[ExI] teachers
efc at swisscows.email
efc at swisscows.email
Sun Aug 27 20:49:41 UTC 2023
Hello Jason,
On Sun, 27 Aug 2023, Jason Resch via extropy-chat wrote:
> Thank you Jason. Would you disagree with me if I call that absense of strict empirical proof?
>
> Is your objection based on not believing that life-compatible universes are rare (given current empirical observations), or is your
> objection that it's not valid to infer from the rarity of life-compatible universes that it is likely there are many universes?
I'd say the reason is that I have not seen any empirical proof of other
life-comptaible universes, and therefore, they don't seem pretty real to
me at the moment.
I'm not ruling them out, but as far as my reality goes, at the moment,
they, like god, are not part of it until further evidence presents itself.

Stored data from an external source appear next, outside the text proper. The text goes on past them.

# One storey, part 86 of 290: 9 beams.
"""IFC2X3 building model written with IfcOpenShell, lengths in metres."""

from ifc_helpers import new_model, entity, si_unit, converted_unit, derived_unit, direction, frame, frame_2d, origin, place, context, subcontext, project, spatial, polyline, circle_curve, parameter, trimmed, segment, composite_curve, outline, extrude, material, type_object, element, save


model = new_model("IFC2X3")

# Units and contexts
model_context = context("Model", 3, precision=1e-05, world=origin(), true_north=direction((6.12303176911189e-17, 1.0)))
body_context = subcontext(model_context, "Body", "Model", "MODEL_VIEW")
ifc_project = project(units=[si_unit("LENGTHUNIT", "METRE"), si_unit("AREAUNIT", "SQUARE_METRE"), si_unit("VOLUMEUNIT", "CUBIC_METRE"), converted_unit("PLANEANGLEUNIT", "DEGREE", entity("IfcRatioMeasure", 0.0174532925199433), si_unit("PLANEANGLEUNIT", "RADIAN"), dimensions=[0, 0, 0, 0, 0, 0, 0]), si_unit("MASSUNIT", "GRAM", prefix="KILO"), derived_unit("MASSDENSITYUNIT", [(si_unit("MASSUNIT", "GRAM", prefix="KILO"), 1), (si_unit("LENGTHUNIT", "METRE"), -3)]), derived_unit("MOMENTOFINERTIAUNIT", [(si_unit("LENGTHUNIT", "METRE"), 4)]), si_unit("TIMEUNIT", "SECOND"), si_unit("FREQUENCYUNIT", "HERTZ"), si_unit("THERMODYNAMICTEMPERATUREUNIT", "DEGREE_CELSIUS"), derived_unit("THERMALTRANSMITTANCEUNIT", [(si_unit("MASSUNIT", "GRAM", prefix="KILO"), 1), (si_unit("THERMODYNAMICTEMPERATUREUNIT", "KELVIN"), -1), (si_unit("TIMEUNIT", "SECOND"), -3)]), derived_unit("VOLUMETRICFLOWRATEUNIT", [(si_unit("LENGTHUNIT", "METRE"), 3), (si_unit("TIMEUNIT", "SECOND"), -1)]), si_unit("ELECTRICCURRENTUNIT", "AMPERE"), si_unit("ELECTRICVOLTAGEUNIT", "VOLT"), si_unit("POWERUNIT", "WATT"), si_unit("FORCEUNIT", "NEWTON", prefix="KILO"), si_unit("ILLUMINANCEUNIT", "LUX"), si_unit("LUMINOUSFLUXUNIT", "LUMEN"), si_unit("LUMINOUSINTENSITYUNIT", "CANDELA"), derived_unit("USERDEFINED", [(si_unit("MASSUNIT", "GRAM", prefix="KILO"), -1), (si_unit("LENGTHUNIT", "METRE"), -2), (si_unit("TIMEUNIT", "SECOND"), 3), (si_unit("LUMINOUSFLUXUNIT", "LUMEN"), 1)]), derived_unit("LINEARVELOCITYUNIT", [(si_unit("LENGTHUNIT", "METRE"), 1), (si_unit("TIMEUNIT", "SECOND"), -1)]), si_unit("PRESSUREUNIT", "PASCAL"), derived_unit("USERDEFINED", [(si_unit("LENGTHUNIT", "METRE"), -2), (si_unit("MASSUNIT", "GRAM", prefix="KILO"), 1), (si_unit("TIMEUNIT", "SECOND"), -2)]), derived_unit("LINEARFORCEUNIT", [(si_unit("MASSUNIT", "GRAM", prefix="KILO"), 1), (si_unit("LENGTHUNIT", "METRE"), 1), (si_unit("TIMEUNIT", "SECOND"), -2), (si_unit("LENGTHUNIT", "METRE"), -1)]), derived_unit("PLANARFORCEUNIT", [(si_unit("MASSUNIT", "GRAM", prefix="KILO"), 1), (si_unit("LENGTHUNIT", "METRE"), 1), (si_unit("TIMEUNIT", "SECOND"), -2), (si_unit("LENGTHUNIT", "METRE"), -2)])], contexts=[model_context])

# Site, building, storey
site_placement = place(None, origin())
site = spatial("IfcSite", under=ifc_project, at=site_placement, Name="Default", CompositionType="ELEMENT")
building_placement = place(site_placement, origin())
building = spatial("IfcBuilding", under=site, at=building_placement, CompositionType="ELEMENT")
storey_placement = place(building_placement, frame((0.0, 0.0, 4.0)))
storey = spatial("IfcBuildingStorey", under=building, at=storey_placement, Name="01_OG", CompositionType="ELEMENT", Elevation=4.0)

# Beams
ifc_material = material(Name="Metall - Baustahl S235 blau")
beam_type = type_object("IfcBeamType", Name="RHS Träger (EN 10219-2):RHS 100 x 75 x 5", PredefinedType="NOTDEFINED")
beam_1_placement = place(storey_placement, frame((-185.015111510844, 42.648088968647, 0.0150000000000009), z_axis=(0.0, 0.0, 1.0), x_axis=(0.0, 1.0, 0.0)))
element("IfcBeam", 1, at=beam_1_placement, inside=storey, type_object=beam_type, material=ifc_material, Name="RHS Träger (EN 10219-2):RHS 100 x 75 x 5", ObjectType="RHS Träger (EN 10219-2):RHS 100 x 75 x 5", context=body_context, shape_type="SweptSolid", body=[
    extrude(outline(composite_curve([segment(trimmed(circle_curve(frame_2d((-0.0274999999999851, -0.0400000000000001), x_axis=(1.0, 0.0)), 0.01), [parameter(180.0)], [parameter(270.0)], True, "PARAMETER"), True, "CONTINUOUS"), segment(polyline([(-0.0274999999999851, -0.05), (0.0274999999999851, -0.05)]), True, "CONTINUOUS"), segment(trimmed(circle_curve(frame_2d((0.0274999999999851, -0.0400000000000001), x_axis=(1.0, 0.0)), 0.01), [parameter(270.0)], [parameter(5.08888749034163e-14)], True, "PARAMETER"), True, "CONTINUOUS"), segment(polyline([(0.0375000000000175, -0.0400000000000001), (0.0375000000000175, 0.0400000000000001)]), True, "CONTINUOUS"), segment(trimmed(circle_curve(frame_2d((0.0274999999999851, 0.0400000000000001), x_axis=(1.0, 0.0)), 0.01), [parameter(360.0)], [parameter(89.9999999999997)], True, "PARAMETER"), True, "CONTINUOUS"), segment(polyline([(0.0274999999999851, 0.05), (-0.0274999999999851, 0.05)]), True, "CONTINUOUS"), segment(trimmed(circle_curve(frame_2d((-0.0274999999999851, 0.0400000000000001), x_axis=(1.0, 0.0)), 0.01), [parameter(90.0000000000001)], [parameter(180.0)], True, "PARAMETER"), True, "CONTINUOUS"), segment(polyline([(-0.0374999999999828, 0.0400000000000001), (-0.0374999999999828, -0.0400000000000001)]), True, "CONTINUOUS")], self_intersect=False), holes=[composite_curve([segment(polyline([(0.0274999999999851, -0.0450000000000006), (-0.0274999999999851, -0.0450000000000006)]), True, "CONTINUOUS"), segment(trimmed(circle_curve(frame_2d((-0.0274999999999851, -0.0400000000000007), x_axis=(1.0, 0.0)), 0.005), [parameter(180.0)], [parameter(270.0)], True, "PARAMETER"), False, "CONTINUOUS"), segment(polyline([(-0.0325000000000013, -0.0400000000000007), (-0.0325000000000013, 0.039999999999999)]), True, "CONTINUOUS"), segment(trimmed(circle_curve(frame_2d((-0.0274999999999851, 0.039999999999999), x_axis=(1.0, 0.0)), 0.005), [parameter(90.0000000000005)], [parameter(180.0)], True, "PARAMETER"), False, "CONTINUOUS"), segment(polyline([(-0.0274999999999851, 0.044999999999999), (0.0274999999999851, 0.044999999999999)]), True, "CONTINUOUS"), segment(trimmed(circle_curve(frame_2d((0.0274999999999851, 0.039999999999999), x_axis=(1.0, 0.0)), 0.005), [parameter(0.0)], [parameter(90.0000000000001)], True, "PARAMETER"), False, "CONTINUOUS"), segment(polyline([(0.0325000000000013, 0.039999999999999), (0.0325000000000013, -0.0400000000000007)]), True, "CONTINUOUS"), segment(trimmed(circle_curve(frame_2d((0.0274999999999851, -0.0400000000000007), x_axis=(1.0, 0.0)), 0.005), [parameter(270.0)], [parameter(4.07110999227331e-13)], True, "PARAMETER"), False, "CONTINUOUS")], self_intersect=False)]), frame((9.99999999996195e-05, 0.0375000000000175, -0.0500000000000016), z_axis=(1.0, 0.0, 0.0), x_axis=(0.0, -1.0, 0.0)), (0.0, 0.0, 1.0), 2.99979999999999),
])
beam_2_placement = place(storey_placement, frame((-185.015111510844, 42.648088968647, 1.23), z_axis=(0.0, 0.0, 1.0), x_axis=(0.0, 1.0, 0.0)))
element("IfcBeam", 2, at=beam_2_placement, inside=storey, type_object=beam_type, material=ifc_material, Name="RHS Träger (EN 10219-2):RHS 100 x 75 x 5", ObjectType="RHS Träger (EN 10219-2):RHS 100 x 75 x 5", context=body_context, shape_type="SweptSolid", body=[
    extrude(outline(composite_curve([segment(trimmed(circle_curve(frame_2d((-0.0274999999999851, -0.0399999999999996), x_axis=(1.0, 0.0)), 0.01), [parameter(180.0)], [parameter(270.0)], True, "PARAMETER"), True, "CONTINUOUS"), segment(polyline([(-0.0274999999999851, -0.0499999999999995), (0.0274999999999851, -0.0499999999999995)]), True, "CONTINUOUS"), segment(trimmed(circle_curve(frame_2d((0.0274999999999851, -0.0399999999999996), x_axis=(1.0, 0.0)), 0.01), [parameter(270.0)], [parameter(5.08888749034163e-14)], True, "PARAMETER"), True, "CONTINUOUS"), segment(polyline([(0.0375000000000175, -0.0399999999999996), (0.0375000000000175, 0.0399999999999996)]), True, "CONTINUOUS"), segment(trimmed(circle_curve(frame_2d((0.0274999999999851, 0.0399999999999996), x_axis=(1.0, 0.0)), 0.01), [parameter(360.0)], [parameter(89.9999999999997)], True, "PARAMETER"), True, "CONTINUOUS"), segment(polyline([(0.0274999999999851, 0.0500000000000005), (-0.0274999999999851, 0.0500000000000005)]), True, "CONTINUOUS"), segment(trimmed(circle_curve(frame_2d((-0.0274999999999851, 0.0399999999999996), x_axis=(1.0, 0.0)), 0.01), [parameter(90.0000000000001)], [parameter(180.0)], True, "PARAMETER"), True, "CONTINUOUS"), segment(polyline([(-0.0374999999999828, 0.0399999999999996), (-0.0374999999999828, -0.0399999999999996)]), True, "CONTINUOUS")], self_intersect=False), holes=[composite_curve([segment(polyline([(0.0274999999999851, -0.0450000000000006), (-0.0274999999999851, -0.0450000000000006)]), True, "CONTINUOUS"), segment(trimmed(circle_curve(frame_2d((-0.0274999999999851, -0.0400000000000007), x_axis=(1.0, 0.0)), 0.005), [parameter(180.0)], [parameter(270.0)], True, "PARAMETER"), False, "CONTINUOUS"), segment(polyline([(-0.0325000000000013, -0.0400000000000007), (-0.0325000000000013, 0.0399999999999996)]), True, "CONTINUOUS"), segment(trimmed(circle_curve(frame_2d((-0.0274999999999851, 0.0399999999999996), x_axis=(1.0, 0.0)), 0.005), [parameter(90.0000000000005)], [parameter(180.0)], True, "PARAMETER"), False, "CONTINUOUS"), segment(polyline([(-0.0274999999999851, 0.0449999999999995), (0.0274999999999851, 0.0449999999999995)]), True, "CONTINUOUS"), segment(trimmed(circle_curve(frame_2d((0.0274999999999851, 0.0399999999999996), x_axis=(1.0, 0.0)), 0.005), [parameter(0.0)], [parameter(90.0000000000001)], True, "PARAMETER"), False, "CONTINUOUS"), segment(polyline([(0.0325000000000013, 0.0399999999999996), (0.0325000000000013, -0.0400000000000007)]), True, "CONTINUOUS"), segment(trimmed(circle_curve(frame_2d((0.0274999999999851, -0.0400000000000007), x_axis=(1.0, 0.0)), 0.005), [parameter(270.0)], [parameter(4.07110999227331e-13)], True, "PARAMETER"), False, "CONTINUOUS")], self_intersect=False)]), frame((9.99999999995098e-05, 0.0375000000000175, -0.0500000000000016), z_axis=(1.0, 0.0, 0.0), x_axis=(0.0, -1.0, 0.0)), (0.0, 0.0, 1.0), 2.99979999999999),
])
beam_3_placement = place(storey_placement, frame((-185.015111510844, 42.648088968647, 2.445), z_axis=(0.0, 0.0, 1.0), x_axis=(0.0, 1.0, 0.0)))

> I guess it comes down to whether the absence of observation, plus an inference, counts as an empirical observation. For instance, if
> I play a shell game and put a coin under one of the shells and mix them around and flip one over, and you do not see a coin under it,
> does that count as an empirical observation (which together with your inference) tells you the coin must be under the other shell? Or
> must I lift the second shell for the light reflecting off the coin to enter your eyes, for this to count as empirical evidence of the
> coin's location?
Yes, I think that is the crux of the issue here. For physical objects,
inferring is strong, but verfying it, is stronger. I'd prefer the
possibility to verify it over infering.
But this is physical objects only.
When taking the step from physical objects, or by extension, our
universe, to god or multiple universes, I'd very much not trust
inference, but would very much like to verify.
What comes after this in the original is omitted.